[Entries taken from a collection]
--
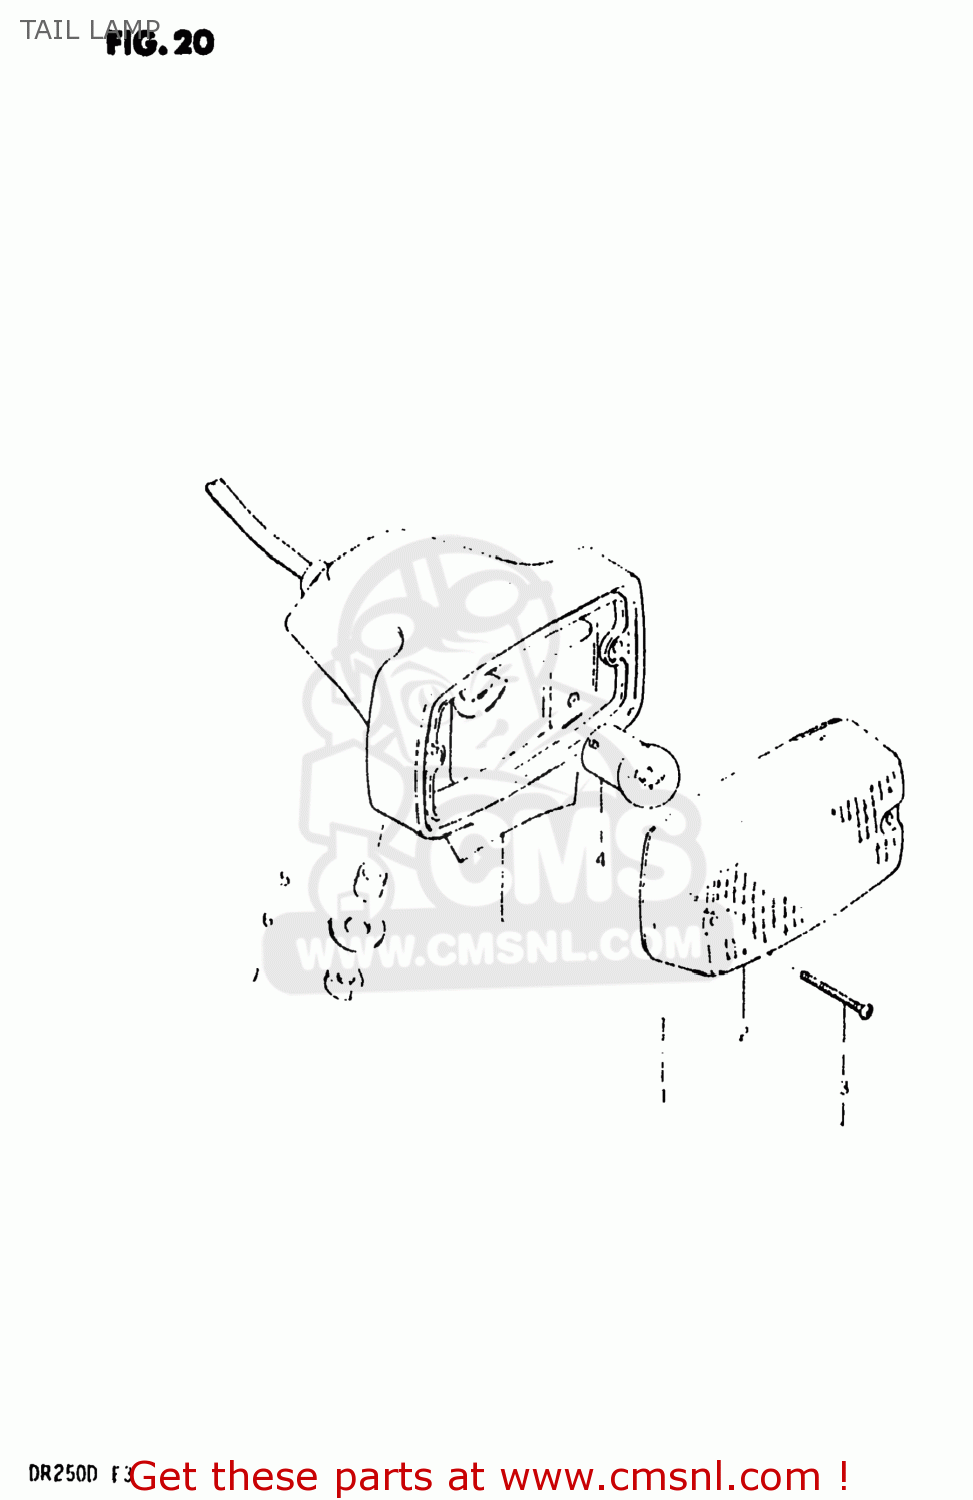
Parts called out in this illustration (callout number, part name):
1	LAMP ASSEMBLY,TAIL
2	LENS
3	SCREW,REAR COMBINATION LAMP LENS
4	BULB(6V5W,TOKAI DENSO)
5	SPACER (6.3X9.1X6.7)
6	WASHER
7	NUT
--
* [Problem details] Please retype the records above exactly, excluding every picture.

* [Expected output]
Parts called out in this illustration (callout number, part name):
1	LAMP ASSEMBLY,TAIL
2	LENS
3	SCREW,REAR COMBINATION LAMP LENS
4	BULB(6V5W,TOKAI DENSO)
5	SPACER (6.3X9.1X6.7)
6	WASHER
7	NUT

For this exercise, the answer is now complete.